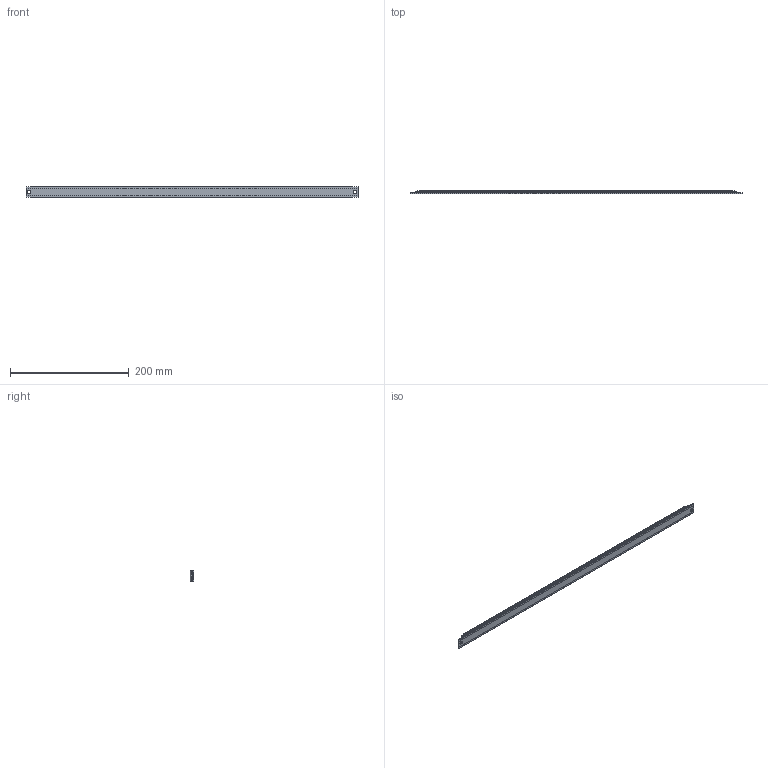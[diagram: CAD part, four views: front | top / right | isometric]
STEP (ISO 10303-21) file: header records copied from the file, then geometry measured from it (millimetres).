
FILE_DESCRIPTION (( 'STEP AP214' ), '1' );
FILE_NAME ('HLMScale.ScaleLength560.STEP', '2023-02-07T05:55:45', ( '' ), ( '' ), 'SwSTEP 2.0', 'SolidWorks 2020', '' );
FILE_SCHEMA (( 'AUTOMOTIVE_DESIGN' ));
Length unit declared in the file: millimetre
Products named in the file (1): HLMScale.ScaleLength560
Bounding box: 560 x 6.08 x 18 mm (x, y, z)
Volume: 55491.3 mm3; surface area: 30816.2 mm2
Topology: 1 solids, 1 shells, 56 faces, 149 edges, 98 vertices
Faces by surface type: plane 31, cylinder 25
Entity records: 1857 total; most frequent: CARTESIAN_POINT 412, ORIENTED_EDGE 298, DIRECTION 285, EDGE_CURVE 149, VECTOR 103, LINE 103, VERTEX_POINT 98, AXIS2_PLACEMENT_3D 91

#####

Assignment: From the first line to the last, transcribe the listing exactly; skip the pictures.

Solution to the exercise:
[diagram: CAD part, four views: front | top / right | isometric]
STEP (ISO 10303-21) file: header records copied from the file, then geometry measured from it (millimetres).
FILE_DESCRIPTION (( 'STEP AP214' ), '1' );
FILE_NAME ('HLMScale.ScaleLength560.STEP', '2023-02-07T05:55:45', ( '' ), ( '' ), 'SwSTEP 2.0', 'SolidWorks 2020', '' );
FILE_SCHEMA (( 'AUTOMOTIVE_DESIGN' ));
Length unit declared in the file: millimetre
Products named in the file (1): HLMScale.ScaleLength560
Bounding box: 560 x 6.08 x 18 mm (x, y, z)
Volume: 55491.3 mm3; surface area: 30816.2 mm2
Topology: 1 solids, 1 shells, 56 faces, 149 edges, 98 vertices
Faces by surface type: plane 31, cylinder 25
Entity records: 1857 total; most frequent: CARTESIAN_POINT 412, ORIENTED_EDGE 298, DIRECTION 285, EDGE_CURVE 149, VECTOR 103, LINE 103, VERTEX_POINT 98, AXIS2_PLACEMENT_3D 91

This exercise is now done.